- Information -
◇ ◇ ◇ ◇
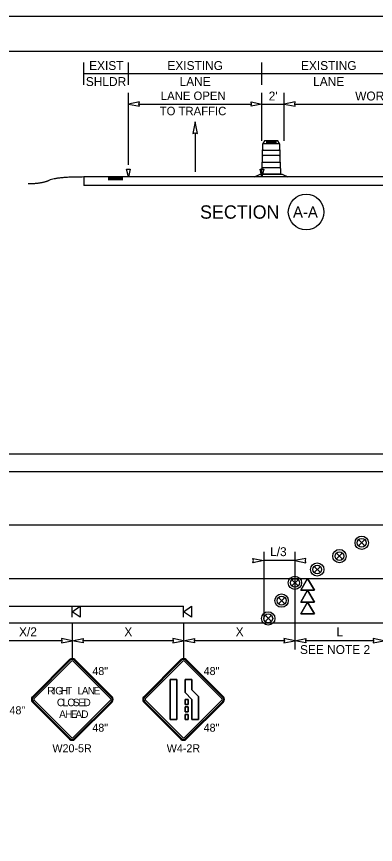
# Model space of a CAD drawing. Extents: x 99958 to 100136, y 99935 to 100013.
# Drawn here: x 100004.27 to 100007.5, y 100003.24 to 100010.69 of the extents above; entities that cross this region are included whole.
import ezdxf

# ---------------------------------------------------------------- set-up
doc = ezdxf.new("R2010")
doc.units = 0
for name, color, linetype in [('RD_ED_ShoulderPavedEdge', 7, 'Continuous'), ('RD_MK_LineEdgeWhite', 7, 'Continuous'), ('RD_MK_LineEdgeYellow', 7, 'Continuous'), ('RD_MK_LineLane', 7, 'Continuous'), ('SH_GI_PlotLimits', 7, 'Continuous'), ('SH_GI_SheetBorder', 7, 'Continuous'), ('SH_TI_WZSectionCut', 7, 'Continuous'), ('TR_SN_ConstructionSigns', 7, 'Continuous'), ('TR_WZ_ArrowLeftStrRightTurn', 7, 'Continuous'), ('TR_WZ_PortableSignMountBlk-Org', 7, 'Continuous'), ('TR_WZ_SequentialArrowSign', 7, 'Continuous'), ('TR_WZ_TrafficSafetyDrum', 7, 'Continuous'), ('TR_WZ_TrafficSafetyDrumElev', 7, 'Continuous'), ('TR_WZ_WorkZoneDetails', 7, 'Continuous'), ('TR_WZ_WorkZoneTextCurrent', 7, 'Continuous')]:
    doc.layers.add(name, color=color, linetype=linetype)

msp = doc.modelspace()

# ---------------------------------------------------------------- linework, layer by layer
at = {"layer": 'RD_ED_ShoulderPavedEdge'}
for p, q in [((100000.8283, 100006.7557), (100015.62, 100006.7557)), ((100000.8283, 100005.2357), (100015.62, 100005.2357))]:
    msp.add_line(p, q, dxfattribs=at)
at = {"layer": 'RD_MK_LineEdgeWhite'}
msp.add_line((100000.8283, 100005.6357), (100015.62, 100005.6357), dxfattribs=at)
at = {"layer": 'RD_MK_LineEdgeYellow'}
msp.add_line((100000.8283, 100006.5957), (100015.62, 100006.5957), dxfattribs=at)
at = {"layer": 'RD_MK_LineLane'}
msp.add_lwpolyline([(100015.62, 100006.1157), (100000.8283, 100006.1157)], dxfattribs=at)
at = {"layer": 'SH_GI_PlotLimits'}
msp.add_lwpolyline([(99999.0625, 99999.6875), (100016.0625, 99999.6875), (100016.0625, 100010.6875), (99999.0625, 100010.6875)], close=True, dxfattribs=at)
at = {"layer": 'SH_GI_SheetBorder'}
msp.add_line((100000, 100010.375), (100015.75, 100010.375), dxfattribs=at)
at = {"layer": 'SH_TI_WZSectionCut'}
for p, q in [((100004.8794, 100010.075), (100004.8794, 100010.275)), ((100005.2794, 100010.075), (100005.2794, 100010.275)), ((100006.4794, 100010.075), (100006.4794, 100010.275)), ((100004.8794, 100010.175), (100005.2794, 100010.175)), ((100005.2794, 100010.175), (100006.4794, 100010.175)), ((100006.4794, 100010.175), (100007.6794, 100010.175)), ((100005.2794, 100009.3547), (100005.2794, 100010.001)), ((100006.4794, 100009.57), (100006.4794, 100010.001)), ((100006.6794, 100009.57), (100006.6794, 100010.001)), ((100005.3731, 100009.901), (100006.3857, 100009.901)), ((100006.4794, 100009.901), (100006.6794, 100009.901)), ((100006.7731, 100009.901), (100008.5857, 100009.901)), ((100004.8794, 100009.2449), (100004.8794, 100009.1699)), ((100008.6794, 100009.2449), (100004.8794, 100009.2449)), ((100005.0964, 100009.2397), (100005.2294, 100009.2397)), ((100005.0964, 100009.2341), (100005.2294, 100009.2341)), ((100005.0964, 100009.2284), (100005.2294, 100009.2284)), ((100005.0964, 100009.2232), (100005.2294, 100009.2232)), ((100008.6794, 100009.1699), (100004.8794, 100009.1699))]:
    msp.add_line(p, q, dxfattribs=at)
for points in [[(100005.2794, 100009.901), (100005.3777, 100009.8817), (100005.3731, 100009.901), (100005.3777, 100009.9203)], [(100006.4794, 100009.901), (100006.3811, 100009.8817), (100006.3857, 100009.901), (100006.3811, 100009.9203)], [(100006.6794, 100009.901), (100006.7777, 100009.8817), (100006.7731, 100009.901), (100006.7777, 100009.9203)], [(100005.2627, 100009.3147), (100005.296, 100009.3147), (100005.2794, 100009.2449)], [(100006.4627, 100009.3147), (100006.4961, 100009.3147), (100006.4794, 100009.2449)]]:
    msp.add_lwpolyline(points, close=True, dxfattribs=at)
msp.add_circle((100006.8759, 100008.93), 0.16, dxfattribs=at)
msp.add_open_spline([(100004.8794, 100009.2449), (100004.6282, 100009.2449), (100004.5027, 100009.1828), (100004.3773, 100009.1828)], degree=2, dxfattribs=at)
at = {"layer": 'TR_SN_ConstructionSigns'}
for p, q in [((100004.7514, 100004.9058), (100004.4173, 100004.5717)), ((100004.7574, 100004.8999), (100004.4233, 100004.5658)), ((100005.1273, 100004.5658), (100004.7932, 100004.8999)), ((100005.1333, 100004.5717), (100004.7991, 100004.9058)), ((100005.7514, 100004.9058), (100005.4173, 100004.5717)), ((100005.7574, 100004.8999), (100005.4233, 100004.5658)), ((100006.1273, 100004.5658), (100005.7932, 100004.8999)), ((100006.1333, 100004.5717), (100005.7991, 100004.9058)), ((100004.4332, 100004.5558), (100004.7673, 100004.8899)), ((100004.7832, 100004.8899), (100005.1173, 100004.5558)), ((100005.4332, 100004.5558), (100005.7673, 100004.8899)), ((100005.7832, 100004.8899), (100006.1173, 100004.5558)), ((100005.6536, 100004.7279), (100005.7141, 100004.7279)), ((100005.6536, 100004.3679), (100005.6536, 100004.7279)), ((100005.7141, 100004.7279), (100005.6536, 100004.7279)), ((100005.6536, 100004.7279), (100005.6536, 100004.3679)), ((100005.7141, 100004.7279), (100005.7141, 100004.3679)), ((100005.7141, 100004.3679), (100005.7141, 100004.7279)), ((100005.7893, 100004.7279), (100005.8498, 100004.7279)), ((100005.7893, 100004.6083), (100005.7893, 100004.7279)), ((100005.8498, 100004.7279), (100005.7893, 100004.7279)), ((100005.7893, 100004.7279), (100005.7893, 100004.6083)), ((100005.8498, 100004.7279), (100005.8498, 100004.6334)), ((100005.8498, 100004.6334), (100005.8498, 100004.7279)), ((100005.8498, 100004.5479), (100005.7893, 100004.6083)), ((100005.7893, 100004.6083), (100005.8498, 100004.5479)), ((100005.8498, 100004.6334), (100005.9103, 100004.5729)), ((100005.9103, 100004.5729), (100005.8498, 100004.6334)), ((100004.4173, 100004.524), (100004.7514, 100004.1899)), ((100004.4233, 100004.53), (100004.7574, 100004.1959)), ((100004.7673, 100004.2058), (100004.4332, 100004.5399)), ((100005.1173, 100004.5399), (100004.7832, 100004.2058)), ((100004.7932, 100004.1959), (100005.1273, 100004.53)), ((100004.7991, 100004.1899), (100005.1333, 100004.524)), ((100005.4173, 100004.524), (100005.7514, 100004.1899)), ((100005.4233, 100004.53), (100005.7574, 100004.1959)), ((100005.7673, 100004.2058), (100005.4332, 100004.5399)), ((100006.1173, 100004.5399), (100005.7832, 100004.2058)), ((100005.7893, 100004.5479), (100005.8161, 100004.5479)), ((100005.7893, 100004.5029), (100005.7893, 100004.5479)), ((100005.8161, 100004.5479), (100005.7893, 100004.5479)), ((100005.7893, 100004.5479), (100005.7893, 100004.5029)), ((100005.7932, 100004.1959), (100006.1273, 100004.53)), ((100005.7991, 100004.1899), (100006.1333, 100004.524)), ((100005.8161, 100004.5479), (100005.8161, 100004.5029)), ((100005.8161, 100004.5029), (100005.8161, 100004.5479)), ((100005.8498, 100004.3679), (100005.8498, 100004.5479)), ((100005.8498, 100004.5479), (100005.8498, 100004.3679)), ((100005.9103, 100004.5729), (100005.9103, 100004.3679)), ((100005.9103, 100004.3679), (100005.9103, 100004.5729)), ((100005.8161, 100004.5029), (100005.7893, 100004.5029)), ((100005.7893, 100004.5029), (100005.8161, 100004.5029)), ((100005.7893, 100004.4804), (100005.8161, 100004.4804)), ((100005.7893, 100004.4354), (100005.7893, 100004.4804)), ((100005.8161, 100004.4804), (100005.7893, 100004.4804)), ((100005.7893, 100004.4804), (100005.7893, 100004.4354)), ((100005.8161, 100004.4804), (100005.8161, 100004.4354)), ((100005.8161, 100004.4354), (100005.8161, 100004.4804)), ((100005.8161, 100004.4354), (100005.7893, 100004.4354)), ((100005.7893, 100004.4354), (100005.8161, 100004.4354)), ((100005.7893, 100004.4129), (100005.8161, 100004.4129)), ((100005.7893, 100004.3679), (100005.7893, 100004.4129)), ((100005.8161, 100004.4129), (100005.7893, 100004.4129)), ((100005.7893, 100004.4129), (100005.7893, 100004.3679)), ((100005.8161, 100004.4129), (100005.8161, 100004.3679)), ((100005.8161, 100004.3679), (100005.8161, 100004.4129)), ((100005.7141, 100004.3679), (100005.6536, 100004.3679)), ((100005.6536, 100004.3679), (100005.7141, 100004.3679)), ((100005.8161, 100004.3679), (100005.7893, 100004.3679)), ((100005.7893, 100004.3679), (100005.8161, 100004.3679)), ((100005.9103, 100004.3679), (100005.8498, 100004.3679)), ((100005.8498, 100004.3679), (100005.9103, 100004.3679))]:
    msp.add_line(p, q, dxfattribs=at)
for centre, radius, start, end in [((100004.7753, 100004.882), 0.0338, 45, 135), ((100004.7753, 100004.882), 0.0253, 45, 135), ((100004.7753, 100004.882), 0.0113, 45, 135), ((100005.7753, 100004.882), 0.0338, 45, 135), ((100005.7753, 100004.882), 0.0253, 45, 135), ((100005.7753, 100004.882), 0.0113, 45, 135), ((100004.4412, 100004.5479), 0.0338, 135, 225.00001), ((100004.4412, 100004.5479), 0.0253, 135, 225.00001), ((100004.4412, 100004.5479), 0.0113, 135, 225.00001), ((100005.1094, 100004.5479), 0.0113, 315.00002, 45), ((100005.1094, 100004.5479), 0.0253, 315.00002, 45), ((100005.1094, 100004.5479), 0.0338, 315.00001, 45.00001), ((100005.4412, 100004.5479), 0.0338, 135, 225.00001), ((100005.4412, 100004.5479), 0.0253, 135, 225.00001), ((100005.4412, 100004.5479), 0.0113, 135, 225.00001), ((100006.1094, 100004.5479), 0.0113, 315.00002, 45), ((100006.1094, 100004.5479), 0.0253, 315.00002, 45), ((100006.1094, 100004.5479), 0.0338, 315.00001, 45.00001), ((100004.7753, 100004.2138), 0.0338, 225.00001, 315.00001), ((100004.7753, 100004.2138), 0.0253, 225.00001, 315.00002), ((100004.7753, 100004.2138), 0.0113, 225.00001, 315.00002), ((100005.7753, 100004.2138), 0.0338, 225.00001, 315.00001), ((100005.7753, 100004.2138), 0.0253, 225.00001, 315.00002), ((100005.7753, 100004.2138), 0.0113, 225.00001, 315.00002)]:
    msp.add_arc(centre, radius, start, end, dxfattribs=at)
at = {"layer": 'TR_WZ_ArrowLeftStrRightTurn'}
msp.add_line((100005.8794, 100009.6418), (100005.8794, 100009.292), dxfattribs=at)
msp.add_lwpolyline([(100005.8794, 100009.742), (100005.8588, 100009.6369), (100005.8794, 100009.6418), (100005.9, 100009.6369)], close=True, dxfattribs=at)
at = {"layer": 'TR_WZ_PortableSignMountBlk-Org'}
for p, q in [((100004.7753, 100005.2858), (100004.7753, 100005.3858)), ((100005.7753, 100005.2858), (100005.7753, 100005.3858))]:
    msp.add_line(p, q, dxfattribs=at)
for points in [[(100004.7753, 100005.3357), (100004.8471, 100005.3858), (100004.8471, 100005.2858)], [(100005.7753, 100005.3357), (100005.8471, 100005.3858), (100005.8471, 100005.2858)]]:
    msp.add_lwpolyline(points, close=True, dxfattribs=at)
at = {"layer": 'TR_WZ_SequentialArrowSign'}
for points in [[(100006.8895, 100005.6357), (100006.8278, 100005.5291), (100006.8895, 100005.5291), (100006.9513, 100005.5291), (100006.8895, 100005.6357)], [(100006.9513, 100005.5291), (100006.8895, 100005.5291), (100006.8278, 100005.5291), (100006.8895, 100005.6357), (100006.9513, 100005.5291)], [(100006.8895, 100005.5291), (100006.8278, 100005.4224), (100006.8895, 100005.4224), (100006.9513, 100005.4224), (100006.8895, 100005.5291)], [(100006.9513, 100005.4224), (100006.8895, 100005.4224), (100006.8278, 100005.4224), (100006.8895, 100005.5291), (100006.9513, 100005.4224)], [(100006.8895, 100005.4224), (100006.8278, 100005.3157), (100006.9513, 100005.3157), (100006.8895, 100005.4224)], [(100006.9513, 100005.3157), (100006.8278, 100005.3157), (100006.8895, 100005.4224), (100006.9513, 100005.3157)]]:
    msp.add_lwpolyline(points, dxfattribs=at)
at = {"layer": 'TR_WZ_TrafficSafetyDrum'}
for p, q in [((100007.347, 100005.984), (100007.4036, 100005.9274)), ((100007.4036, 100005.984), (100007.347, 100005.9274)), ((100007.147, 100005.864), (100007.2036, 100005.8074)), ((100007.2036, 100005.864), (100007.147, 100005.8074)), ((100006.947, 100005.744), (100007.0036, 100005.6874)), ((100007.0036, 100005.744), (100006.947, 100005.6874)), ((100006.747, 100005.624), (100006.8036, 100005.5674)), ((100006.8036, 100005.624), (100006.747, 100005.5674)), ((100006.627, 100005.464), (100006.6836, 100005.4074)), ((100006.6836, 100005.464), (100006.627, 100005.4074)), ((100006.507, 100005.304), (100006.5636, 100005.2474)), ((100006.5636, 100005.304), (100006.507, 100005.2474))]:
    msp.add_line(p, q, dxfattribs=at)
for centre, radius in [((100007.3753, 100005.9557), 0.06), ((100007.3753, 100005.9557), 0.06), ((100007.3753, 100005.9557), 0.04), ((100007.1753, 100005.8357), 0.06), ((100007.1753, 100005.8357), 0.06), ((100007.1753, 100005.8357), 0.04), ((100006.9753, 100005.7157), 0.06), ((100006.9753, 100005.7157), 0.06), ((100006.9753, 100005.7157), 0.04), ((100006.7753, 100005.5957), 0.06), ((100006.7753, 100005.5957), 0.06), ((100006.7753, 100005.5957), 0.04), ((100006.6553, 100005.4357), 0.06), ((100006.6553, 100005.4357), 0.06), ((100006.6553, 100005.4357), 0.04), ((100006.5353, 100005.2757), 0.06), ((100006.5353, 100005.2757), 0.06), ((100006.5353, 100005.2757), 0.04)]:
    msp.add_circle(centre, radius, dxfattribs=at)
at = {"layer": 'TR_WZ_TrafficSafetyDrumElev'}
for p, q in [((100006.4878, 100009.545), (100006.6358, 100009.545)), ((100006.4878, 100009.545), (100006.6358, 100009.545)), ((100006.5222, 100009.564), (100006.604, 100009.564)), ((100006.604, 100009.551), (100006.5222, 100009.551)), ((100006.4849, 100009.4871), (100006.6386, 100009.4871)), ((100006.4849, 100009.4372), (100006.4849, 100009.4871)), ((100006.6386, 100009.4372), (100006.4849, 100009.4372)), ((100006.6386, 100009.4871), (100006.6386, 100009.4372)), ((100006.4812, 100009.377), (100006.6423, 100009.377)), ((100006.4812, 100009.3271), (100006.4812, 100009.377)), ((100006.6423, 100009.377), (100006.6423, 100009.3271)), ((100006.6423, 100009.3271), (100006.4812, 100009.3271))]:
    msp.add_line(p, q, dxfattribs=at)
for points in [[(100006.4868, 100009.4915), (100006.4868, 100009.543)], [(100006.4868, 100009.4915), (100006.4868, 100009.543)], [(100006.6368, 100009.543), (100006.6368, 100009.4915)], [(100006.6368, 100009.543), (100006.6368, 100009.4915)], [(100006.4831, 100009.3814), (100006.4831, 100009.4327)], [(100006.4831, 100009.3814), (100006.4831, 100009.4327)], [(100006.4849, 100009.4365), (100006.4849, 100009.4878)], [(100006.4849, 100009.4365), (100006.4849, 100009.4878)], [(100006.6386, 100009.4878), (100006.6386, 100009.4365)], [(100006.6386, 100009.4878), (100006.6386, 100009.4365)], [(100006.6405, 100009.4327), (100006.6405, 100009.3814)], [(100006.6405, 100009.4327), (100006.6405, 100009.3814)], [(100006.4812, 100009.3264), (100006.4812, 100009.3777)], [(100006.4812, 100009.3264), (100006.4812, 100009.3777)], [(100006.6423, 100009.3777), (100006.6423, 100009.3264)], [(100006.6423, 100009.3777), (100006.6423, 100009.3264)], [(100006.6442, 100009.3226), (100006.6442, 100009.27), (100006.4794, 100009.27), (100006.4794, 100009.3226)], [(100006.6442, 100009.3226), (100006.6442, 100009.27), (100006.4794, 100009.27), (100006.4794, 100009.3226)]]:
    msp.add_lwpolyline(points, dxfattribs=at)
for points in [[(100006.6358, 100009.545), (100006.6226, 100009.57), (100006.5009, 100009.57), (100006.4878, 100009.545)], [(100006.4118, 100009.245), (100006.462, 100009.27), (100006.6615, 100009.27), (100006.7118, 100009.245)]]:
    msp.add_lwpolyline(points, close=True, dxfattribs=at)
for centre, major_axis, ratio, start_param, end_param in [((100006.488, 100009.5426), (0, 0.00249), 0.493438, 0.177149, 1.393647), ((100006.488, 100009.5426), (0, 0.00249), 0.493438, 0.177149, 1.393647), ((100006.5222, 100009.5575), (0, 0.0065), 0.570305, 0, 3.141593), ((100006.604, 100009.5575), (0, 0.0065), 0.570305, 3.141593, 6.283185), ((100006.6356, 100009.5426), (0, 0.00249), 0.493438, 4.889538, 6.106036), ((100006.6356, 100009.5426), (0, 0.00249), 0.493438, 4.889538, 6.106036), ((100006.4865, 100009.4296), (0, 0.00758), 0.493438, 0.4288, 1.141997), ((100006.4865, 100009.4296), (0, 0.00758), 0.493438, 0.4288, 1.141997), ((100006.4883, 100009.4846), (0, 0.00758), 0.493438, 0.4288, 1.141997), ((100006.4883, 100009.4846), (0, 0.00758), 0.493438, 0.4288, 1.141997), ((100006.6352, 100009.4846), (0, 0.00758), 0.493438, 5.141189, 5.854386), ((100006.6352, 100009.4846), (0, 0.00758), 0.493438, 5.141189, 5.854386), ((100006.6371, 100009.4296), (0, 0.00758), 0.493438, 5.141189, 5.854386), ((100006.6371, 100009.4296), (0, 0.00758), 0.493438, 5.141189, 5.854386), ((100006.4846, 100009.3745), (0, 0.00758), 0.493438, 0.4288, 1.141997), ((100006.4846, 100009.3745), (0, 0.00758), 0.493438, 0.4288, 1.141997), ((100006.6389, 100009.3745), (0, 0.00758), 0.493438, 5.141189, 5.854386), ((100006.6389, 100009.3745), (0, 0.00758), 0.493438, 5.141189, 5.854386), ((100006.4828, 100009.3195), (0, 0.00758), 0.493438, 0.4288, 1.141997), ((100006.4828, 100009.3195), (0, 0.00758), 0.493438, 0.4288, 1.141997), ((100006.6408, 100009.3195), (0, 0.00758), 0.493438, 5.141189, 5.854386), ((100006.6408, 100009.3195), (0, 0.00758), 0.493438, 5.141189, 5.854386)]:
    msp.add_ellipse(centre, major_axis=major_axis, ratio=ratio, start_param=start_param, end_param=end_param, dxfattribs=at)
at = {"layer": 'TR_WZ_WorkZoneDetails'}
for p, q in [((100006.4953, 100005.8757), (100006.4953, 100005.2757)), ((100006.7753, 100005.8757), (100006.7753, 100004.9957)), ((100006.7753, 100005.7957), (100006.4953, 100005.7957)), ((100003.2471, 100005.3858), (100005.7753, 100005.3858)), ((100004.7753, 100005.236), (100004.7753, 100004.9157)), ((100005.7753, 100005.236), (100005.7753, 100004.9157)), ((100004.6815, 100005.0757), (100004.069, 100005.0757)), ((100005.6815, 100005.0757), (100004.869, 100005.0757)), ((100006.6815, 100005.0757), (100005.869, 100005.0757)), ((100007.4815, 100005.0757), (100006.869, 100005.0757))]:
    msp.add_line(p, q, dxfattribs=at)
for points in [[(100006.4953, 100005.7957), (100006.397, 100005.7765), (100006.4016, 100005.7957), (100006.397, 100005.815)], [(100006.7753, 100005.7957), (100006.8736, 100005.7765), (100006.869, 100005.7957), (100006.8736, 100005.815)], [(100004.7753, 100005.0757), (100004.677, 100005.095), (100004.6815, 100005.0757), (100004.677, 100005.0565)], [(100004.7753, 100005.0757), (100004.8736, 100005.095), (100004.869, 100005.0757), (100004.8736, 100005.0565)], [(100005.7753, 100005.0757), (100005.677, 100005.095), (100005.6815, 100005.0757), (100005.677, 100005.0565)], [(100005.7753, 100005.0757), (100005.8736, 100005.095), (100005.869, 100005.0757), (100005.8736, 100005.0565)], [(100006.7753, 100005.0757), (100006.677, 100005.095), (100006.6815, 100005.0757), (100006.677, 100005.0565)], [(100006.7753, 100005.0757), (100006.8736, 100005.095), (100006.869, 100005.0757), (100006.8736, 100005.0565)], [(100007.5753, 100005.0757), (100007.477, 100005.095), (100007.4815, 100005.0757), (100007.477, 100005.0565)]]:
    msp.add_lwpolyline(points, close=True, dxfattribs=at)

# ---------------------------------------------------------------- texts
at = {"layer": 'SH_TI_WZSectionCut'}
for s, height, p in [('EXIST', 0.08, (100004.9261, 100010.207)), ('EXISTING', 0.08, (100005.6296, 100010.207)), ('EXISTING', 0.08, (100006.8296, 100010.207)), ('SHLDR', 0.08, (100004.8969, 100010.063)), ('LANE', 0.08, (100005.739, 100010.063)), ('LANE', 0.08, (100006.939, 100010.063)), ('SECTION', 0.12, (100005.9229, 100008.87)), ('A-A', 0.1, (100006.7581, 100008.88))]:
    msp.add_text(s, height=height, rotation=360, dxfattribs=at).set_placement(p)
for s, height, p in [('LANE OPEN', 0.076, (100005.5707, 100009.937)), ("2'", 0.08, (100006.5394, 100009.933)), ('WORK AREA', 0.08, (100007.3165, 100009.933)), ('TO TRAFFIC', 0.076, (100005.5606, 100009.8002))]:
    msp.add_text(s, height=height, dxfattribs=at).set_placement(p)
at = {"layer": 'TR_SN_ConstructionSigns'}
for s, p in [('48"', (100004.9551, 100004.7664)), ('48"', (100005.9551, 100004.7664)), ('48"', (100004.211, 100004.414)), ('48"', (100004.9551, 100004.2573)), ('48"', (100005.9551, 100004.2573)), ('W20-5R', (100004.5966, 100004.072)), ('W4-2R', (100005.6238, 100004.072))]:
    msp.add_text(s, height=0.072, rotation=360, dxfattribs=at).set_placement(p)
for s, p in [('R', (100004.5498, 100004.5922)), ('I', (100004.5991, 100004.5922)), ('G', (100004.6221, 100004.5922)), ('H', (100004.6734, 100004.5922)), ('T', (100004.7206, 100004.5922)), ('L', (100004.8225, 100004.5922)), ('A', (100004.861, 100004.5922)), ('N', (100004.9137, 100004.5922)), ('E', (100004.9663, 100004.5922)), ('C', (100004.6369, 100004.4867)), ('L', (100004.6882, 100004.4867)), ('O', (100004.7307, 100004.4867)), ('S', (100004.7807, 100004.4867)), ('E', (100004.83, 100004.4867)), ('D', (100004.8759, 100004.4867)), ('A', (100004.6572, 100004.3812)), ('H', (100004.7098, 100004.3812)), ('E', (100004.7625, 100004.3812)), ('A', (100004.803, 100004.3812)), ('D', (100004.8556, 100004.3812))]:
    msp.add_text(s, height=0.0675, dxfattribs=at).set_placement(p)
at = {"layer": 'TR_WZ_WorkZoneTextCurrent'}
msp.add_text('L/3', height=0.08, dxfattribs=at).set_placement((100006.5521, 100005.8357))
for s, p in [('X/2', (100004.2968, 100005.1157)), ('X', (100005.2428, 100005.1157)), ('X', (100006.2428, 100005.1157)), ('L', (100007.1481, 100005.1157)), ('SEE NOTE 2', (100006.8206, 100004.9557))]:
    msp.add_text(s, height=0.08, rotation=360, dxfattribs=at).set_placement(p)

doc.saveas('drawing.dxf')
◇ ◇ ◇ ◇
- Work order -
Print exactly and only the lines that start at the line with "height=0.08, rotation=360, dxfattribs=at).set_placement(p)" and run through the end of the listing above.

- Answer box -
    msp.add_text(s, height=0.08, rotation=360, dxfattribs=at).set_placement(p)

doc.saveas('drawing.dxf')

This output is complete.